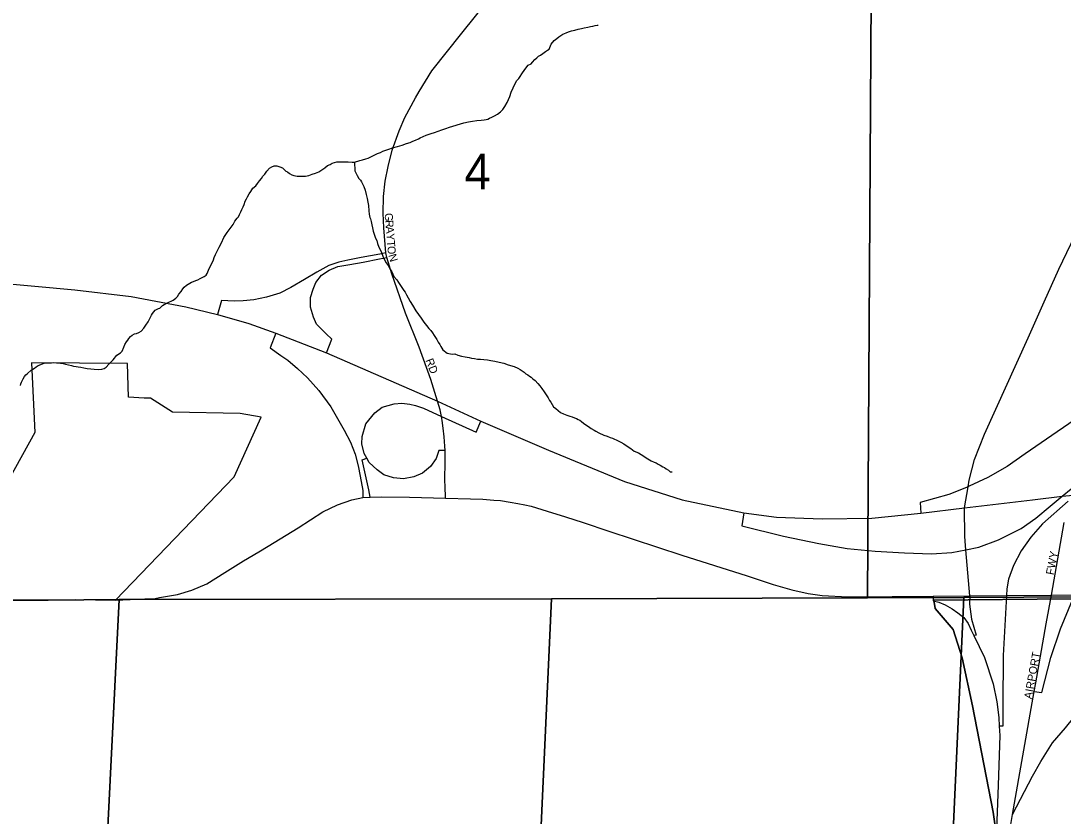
# Model space of a CAD drawing. Extents: x 2010165 to 2382125, y 1060529 to 1407316.
# Drawn here: x 2146217 to 2152727, y 1244739 to 1249704 of the extents above; entities that cross this region are included whole.
import ezdxf

# ---------------------------------------------------------------- set-up
doc = ezdxf.new("R2010")
doc.units = 0
for name, color, linetype in [('GM_X_City_Street', 7, 'Continuous'), ('GM_X_City_Street_Text', 7, 'Continuous'), ('GM_X_Corporation', 7, 'Continuous'), ('GM_X_Interchange_Ramps', 7, 'Continuous'), ('GM_X_Interstate_Route', 7, 'Continuous'), ('GM_X_Minor_River', 7, 'Continuous'), ('GM_X_Section', 7, 'Continuous'), ('GM_X_Section_Text', 7, 'Continuous'), ('GM_X_State_Route', 7, 'Continuous')]:
    doc.layers.add(name, color=color, linetype=linetype)

msp = doc.modelspace()

# ---------------------------------------------------------------- linework, layer by layer
at = {"layer": 'GM_X_City_Street'}
for points in [[(2148705.3, 1249263.5), (2148782.9, 1249391.8), (2148971.4, 1249627.1), (2149244.4, 1249968.5), (2149566.8, 1250337.8), (2149744.1, 1250550), (2149810.3, 1250647.6), (2149864.3, 1250752.2), (2149904.4, 1250860.3), (2149937, 1250974.5), (2149998, 1251300.5), (2150083.5, 1251782.8)], [(2148859.8, 1247107), (2148854.4, 1247159.9), (2148847.9, 1247208.4), (2148843, 1247234.5), (2148835.4, 1247275.8), (2148818.7, 1247328.9), (2148777.8, 1247463.9), (2148703.5, 1247666.6), (2148619.2, 1247878.6), (2148534.2, 1248124.8), (2148501.8, 1248226.4), (2148496.2, 1248255.4), (2148483.5, 1248412.5), (2148480.6, 1248503.1), (2148482.1, 1248606.5), (2148492, 1248702.8), (2148510.4, 1248794.8), (2148536.1, 1248895.5), (2148580, 1249016.6), (2148615.6, 1249100.9), (2148680.9, 1249223.2), (2148705.3, 1249263.5)], [(2148869.9, 1246722.9), (2148866.4, 1246800.4), (2148865.1, 1246829.1), (2148866.4, 1246958.4), (2148866, 1247021.3), (2148865.8, 1247048.4), (2148859.8, 1247107)], [(2152621.6, 1245939.2), (2152653.4, 1246119.1), (2152733.6, 1246572.2)], [(2152556.3, 1245569.9), (2152621.6, 1245939.2)], [(2152411, 1244747.8), (2152547, 1245517.1), (2152556.3, 1245569.9)]]:
    msp.add_lwpolyline(points, dxfattribs=at)
at = {"layer": 'GM_X_Corporation'}
for points in [[(2145721.8, 1246089.3), (2146557.6, 1246091.4), (2146807.3, 1246086.3), (2147548.1, 1246856.1), (2147717.4, 1247229.8), (2147586.4, 1247252.2), (2147163.9, 1247261.4), (2147026.1, 1247348.8), (2146986, 1247348), (2146889.8, 1247354.1), (2146883.7, 1247564.5), (2146283, 1247568.4), (2146303.5, 1247133.8), (2146005.5, 1246598.5)], [(2152310.6, 1244620.1), (2152289.8, 1244764), (2152160.8, 1245427.1), (2152096.9, 1245726.6), (2152039.4, 1245903.8), (2151926.8, 1246035.9), (2151919.8, 1246085.9), (2152779.7, 1246094.4)], [(2152779.7, 1246094.4), (2151919.8, 1246085.9), (2151926.8, 1246035.9), (2152039.4, 1245903.8), (2152096.9, 1245726.6), (2152160.8, 1245427.1), (2152289.8, 1244764), (2152310.6, 1244620.1)]]:
    msp.add_lwpolyline(points, dxfattribs=at)
at = {"layer": 'GM_X_Interchange_Ramps'}
for points in [[(2148496.2, 1248255.4), (2148458.9, 1248246.8), (2148342.3, 1248225.4), (2148258.9, 1248210.1), (2148202.3, 1248198.1), (2148140.9, 1248176.1), (2148066.3, 1248134.1), (2147989.1, 1248089), (2147903.6, 1248038.8), (2147834.2, 1248003.9), (2147751.3, 1247977.7), (2147672.7, 1247962.4), (2147605.1, 1247955.9), (2147548.4, 1247953.7), (2147509.1, 1247955.9), (2147469.9, 1247958.1), (2147445.6, 1247870.8)], [(2148126.6, 1247630.8), (2148159.3, 1247715.9), (2148122.9, 1247749.3), (2148063.3, 1247809.7), (2148043.7, 1247853.3), (2148026.2, 1247916.6), (2148026.3, 1247976.8), (2148041.5, 1248027.9), (2148058.9, 1248069.3), (2148093.8, 1248115.2), (2148141.8, 1248147.9), (2148196.9, 1248169.5), (2148270.6, 1248182.8), (2148355.6, 1248198.1), (2148456, 1248217.7), (2148501.8, 1248226.4)], [(2147809.6, 1247753.5), (2147773.6, 1247662.1), (2147840.3, 1247615.5), (2147884.3, 1247584.8), (2147944.3, 1247533.5), (2148007.6, 1247475.5), (2148077.6, 1247396.2), (2148152.3, 1247294.2), (2148235.6, 1247148.2), (2148276.2, 1247072.9), (2148304.4, 1246999.2), (2148323.6, 1246926.3), (2148337, 1246861.2), (2148352.4, 1246771), (2148351.8, 1246728.1)], [(2150732.1, 1246631.2), (2150720, 1246551.3), (2150979.3, 1246486.8), (2151201.7, 1246441.1), (2151378, 1246409.1), (2151552.9, 1246392), (2151736.2, 1246381.6), (2151904.2, 1246375.8), (2152032, 1246384.3), (2152119.1, 1246401.5), (2152199.4, 1246417.3), (2152323.7, 1246464.4), (2152464, 1246533.9), (2152556.8, 1246599.1), (2152645.8, 1246672.9), (2152720.3, 1246735.4), (2152776.9, 1246782.9), (2153276.7, 1247202.3), (2153303.4, 1247223.8), (2153452.3, 1247343.7), (2153542.4, 1247405.7), (2153625, 1247452), (2153693.6, 1247486.4), (2153668.7, 1247553.2)], [(2153547.8, 1247510.5), (2153538, 1247546.7), (2153138.2, 1247413.1), (2153032.3, 1247363.9), (2152929.6, 1247302.3), (2152490.1, 1247000.1), (2152377.2, 1246920.5), (2152255.9, 1246852.4), (2152140.3, 1246797.8), (2152132.8, 1246794.8), (2152012.5, 1246745.7), (2151834.7, 1246697.4), (2151838.2, 1246630.9)], [(2148866, 1247021.3), (2148828.4, 1247021.7), (2148809.9, 1246970.8), (2148775.3, 1246922.3), (2148724.4, 1246880.8), (2148671.3, 1246857.7), (2148606.7, 1246843.8), (2148544.3, 1246850.8), (2148484.3, 1246869.2), (2148442.7, 1246901.6), (2148391.9, 1246945.4), (2148377.4, 1246973.2), (2148361.9, 1247003.2), (2148347.3, 1247062.5), (2148348, 1247109.5), (2148371.1, 1247187.9), (2148426.6, 1247256), (2148472.7, 1247291.9), (2148549.4, 1247313.7), (2148596.6, 1247316.7), (2148646.4, 1247311.1), (2148681.6, 1247302.9), (2148732.1, 1247285.1), (2148843, 1247234.5), (2149059.9, 1247135.7), (2149090.1, 1247204.3)], [(2148399.2, 1246729.9), (2148390.7, 1246775.8), (2148348.5, 1246963.7), (2148377.4, 1246973.2)], [(2152547, 1245517.1), (2152593.1, 1245510.1), (2152649.9, 1245729.4), (2152709.9, 1245907.1), (2152784.5, 1246090), (2152797.6, 1246120.6), (2152838.3, 1246216), (2152902.4, 1246317.8), (2152966.8, 1246404.9), (2153031.3, 1246487.1), (2153108.2, 1246557.3), (2153214.5, 1246633), (2153321.1, 1246694), (2153432.9, 1246740.4), (2153520.7, 1246761.7), (2153559.2, 1246770.7), (2153553.8, 1246822.3)], [(2152759.2, 1246705.7), (2152598.6, 1246563.8), (2152526, 1246480.5), (2152463.9, 1246394.9), (2152416.4, 1246302.9), (2152385.9, 1246219), (2152374.7, 1246158.1), (2152372.4, 1246116.1), (2152352.7, 1245741.3), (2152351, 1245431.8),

# [Required action]
Read the entries and select each line where the word "name" is found.

# [Problem solution]
for name, color, linetype in [('GM_X_City_Street', 7, 'Continuous'), ('GM_X_City_Street_Text', 7, 'Continuous'), ('GM_X_Corporation', 7, 'Continuous'), ('GM_X_Interchange_Ramps', 7, 'Continuous'), ('GM_X_Interstate_Route', 7, 'Continuous'), ('GM_X_Minor_River', 7, 'Continuous'), ('GM_X_Section', 7, 'Continuous'), ('GM_X_Section_Text', 7, 'Continuous'), ('GM_X_State_Route', 7, 'Continuous')]:
    doc.layers.add(name, color=color, linetype=linetype)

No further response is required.